My boyfriend’s twelve year old son asked me to put his hair in a ponytail last night. He thought it was hysterical that he looked like a girl, as he modeled it for the five friends he was talking to on ooVoo. For those not in the loop, it’s like Skype. For those not in that loop either, it’s video chatting.

I didn’t think anything of his request. I was just flattered that he saw me as someone who knew how to make a ponytail. My mother used to put my hair in a ponytail, and would pull it so tight, that I got headaches and an unnecessary facelift. Not so unnecessary now, I’ll tell ya.

I’m calling myself, The Girlfriend Mom. My boyfriend and I live together, we’re not married, and he has two kids. However, I do step-mommy things, I suppose, like his son’s laundry. Sidebar: Sometimes, when I’m folding his tiny pair of jeans, it feels weird, dare I say ‘unnatural’. I’m convinced that it has to do with what I associate being a ‘mom’ with (which sometimes I find unattractive) and laundry seems to be on the list.

I help him with his homework and I consistently nag him about the television volume. I swear, it’s like living with the deaf (or my grandparents) How can you NOT hear that?! Well, this just smells of ‘mom’ (girlfriend or step) doesn’t it? I feel myself getting uglier by the minute.

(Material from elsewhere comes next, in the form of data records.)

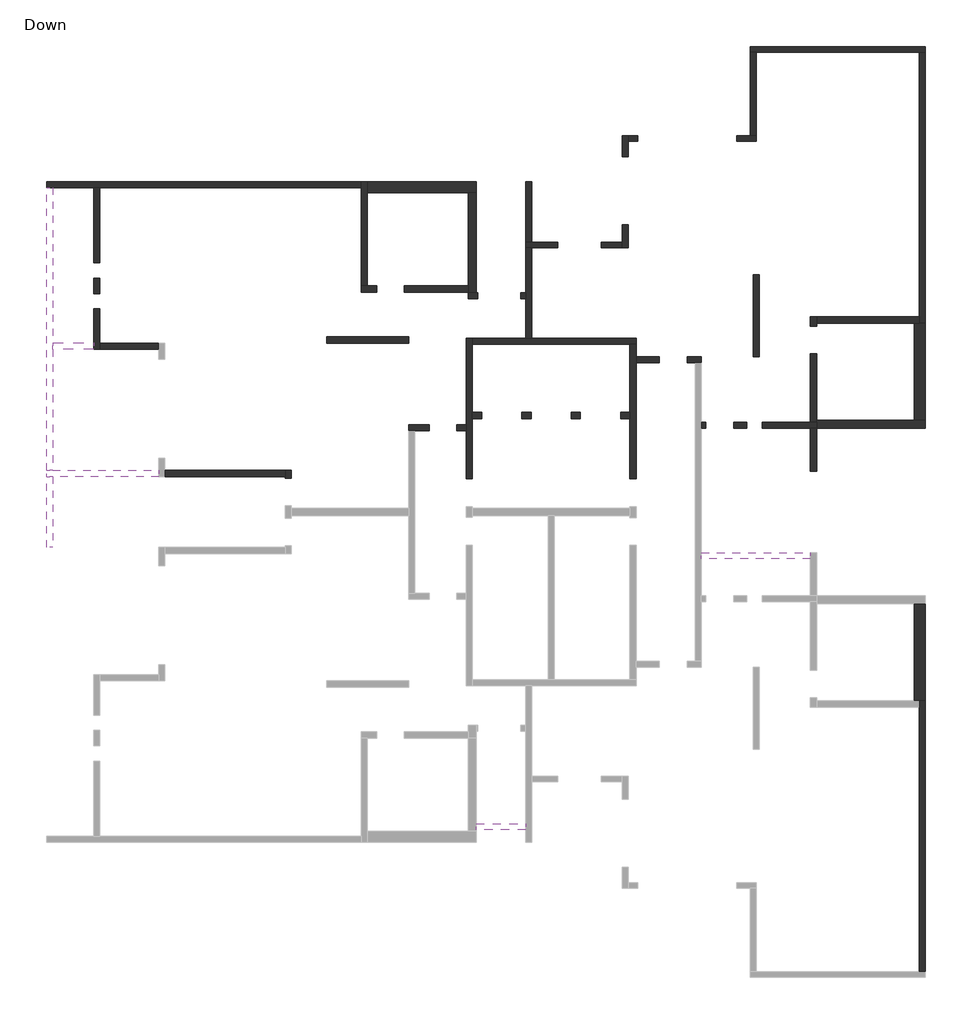
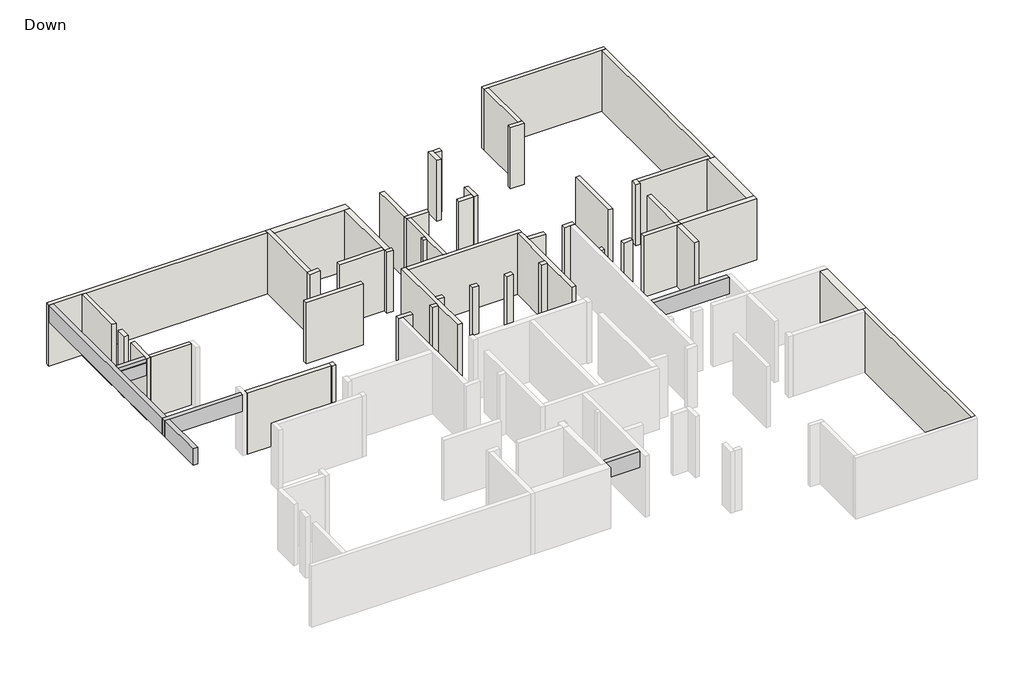
# One storey, part 2 of 2: 49 walls, 6 beams.
"""IFC4 building model written with IfcOpenShell, lengths in millimetres."""

import ifcopenshell
import ifcopenshell.guid

model = None  # the IFC model being written
_history = None  # IfcOwnerHistory: only IFC2X3 demands one
_inside = {}  # id of a spatial element -> (the spatial element, [elements in it])
_under = {}  # id of a project, library or spatial element -> (it, [spatial elements below it])
_declared = {}  # id of a project -> (the project, [libraries it declares])
_typed = {}  # id of a type object -> (the type object, [elements of that type])
_made_of = {}  # id of a material, layer set ... -> (it, [elements and type objects made of it])


def new_model(schema):
    """Start an empty IFC model of exactly this schema.

    Asked for "IFC4X3", IfcOpenShell would pick the latest addendum, in which some entities
    have other attributes; the version numbers below select the first issue.
    IFC2X3 requires an IfcOwnerHistory on every rooted entity: one is made here for all.
    """
    global model, _history
    if schema == "IFC4X3":
        model = ifcopenshell.file(schema_version=(4, 3, 0, 0))
    else:
        model = ifcopenshell.file(schema=schema)
    _inside.clear()
    _under.clear()
    _declared.clear()
    _typed.clear()
    _made_of.clear()
    _history = None
    if model.schema == "IFC2X3":
        org = make("IfcOrganization", Name="unknown")
        user = make(
            "IfcPersonAndOrganization",
            ThePerson=make("IfcPerson", FamilyName="unknown"),
            TheOrganization=org,
        )
        app = make(
            "IfcApplication",
            ApplicationDeveloper=org,
            Version="unknown",
            ApplicationFullName="unknown",
            ApplicationIdentifier="unknown",
        )
        _history = make(
            "IfcOwnerHistory",
            OwningUser=user,
            OwningApplication=app,
            ChangeAction="ADDED",
            CreationDate=0,
        )
    return model


def make(cls, **values):
    """One entity of the class cls with the attributes given. An attribute that is None is left unset."""
    return model.create_entity(
        cls, **{name: value for name, value in values.items() if value is not None}
    )


def rooted(cls, **values):
    """An entity with a GlobalId (a new one), such as an element, a storey or a relation."""
    return make(cls, GlobalId=ifcopenshell.guid.new(), OwnerHistory=_history, **values)


def si_unit(unit_type, name, prefix=None):
    """IfcSIUnit, for example si_unit("LENGTHUNIT", "METRE", prefix="MILLI")."""
    return make("IfcSIUnit", UnitType=unit_type, Prefix=prefix, Name=name)


def assignment(units):
    """IfcUnitAssignment: the units of a project."""
    return None if units is None else make("IfcUnitAssignment", Units=units)


def point(xyz):
    """IfcCartesianPoint."""
    return None if xyz is None else make("IfcCartesianPoint", Coordinates=xyz)


def direction(xyz):
    """IfcDirection."""
    return None if xyz is None else make("IfcDirection", DirectionRatios=xyz)


def frame(location, z_axis=None, x_axis=None):
    """IfcAxis2Placement3D, a coordinate frame: its origin and axes. An axis left out is left unset."""
    return make(
        "IfcAxis2Placement3D",
        Location=point(location),
        Axis=direction(z_axis),
        RefDirection=direction(x_axis),
    )


def origin():
    """The frame at (0, 0, 0) with its axes left unset."""
    return frame((0.0, 0.0, 0.0))


def place(relative_to, where):
    """IfcLocalPlacement: puts the frame where relative to a parent placement (None: the world)."""
    return make(
        "IfcLocalPlacement", PlacementRelTo=relative_to, RelativePlacement=where
    )


def context(
    kind, dimensions, precision=None, world=None, true_north=None, identifier=None
):
    """IfcGeometricRepresentationContext, for example the 3D "Model" context."""
    return make(
        "IfcGeometricRepresentationContext",
        ContextIdentifier=identifier,
        ContextType=kind,
        CoordinateSpaceDimension=dimensions,
        Precision=precision,
        WorldCoordinateSystem=world,
        TrueNorth=true_north,
    )


def project(units=None, contexts=None):
    """IfcProject with its units and contexts."""
    return rooted(
        "IfcProject",
        Name="project",
        RepresentationContexts=contexts,
        UnitsInContext=assignment(units),
    )


def spatial(cls, under=None, at=None, **own):
    """A site, building, storey or space (cls), placed at a placement, below another one or the project."""
    s = rooted(cls, ObjectPlacement=at, **own)
    if under is not None:
        _under.setdefault(under.id(), (under, []))[1].append(s)
    return s


def polyline(points):
    """IfcPolyline through the points."""
    return make("IfcPolyline", Points=[point(p) for p in points])


def outline(outer, holes=None, kind="AREA"):
    """IfcArbitraryClosedProfileDef: a profile drawn as a closed curve; with holes, ...WithVoids."""
    if holes is None:
        return make("IfcArbitraryClosedProfileDef", ProfileType=kind, OuterCurve=outer)
    return make(
        "IfcArbitraryProfileDefWithVoids",
        ProfileType=kind,
        OuterCurve=outer,
        InnerCurves=holes,
    )


def extrude(swept, where, along, depth):
    """IfcExtrudedAreaSolid: the profile swept, set in the frame where, extruded along a direction by depth."""
    return make(
        "IfcExtrudedAreaSolid",
        SweptArea=swept,
        Position=where,
        ExtrudedDirection=direction(along),
        Depth=depth,
    )


def faces_of(points, faces, orient=None, outer=None):
    """IfcFace entities. A face is a list of loops; a loop is a list of indices into points, from 0.

    orient and outer hold one flag for each loop. By default every Orientation is true, the
    first loop of a face is its IfcFaceOuterBound and the others are IfcFaceBound.
    """
    made = []
    for i, loops in enumerate(faces):
        bounds = []
        for j, loop in enumerate(loops):
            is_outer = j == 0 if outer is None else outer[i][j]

So I’m not just a girlfriend, who’s boyfriend has kids. There are expectations of me, some being easy and ‘natural’ to pull off, like making up his bed, pouring him ice tea when he’s parched, teaching him how to apply Orajel to a sore, or eating at Chili’s for a less than nutritious meal. Other times, the expectations feel as ‘unnatural’ to me, as doing fractions, or wearing make-up and like folding his tiny fruit of the loom tidy whitey’s.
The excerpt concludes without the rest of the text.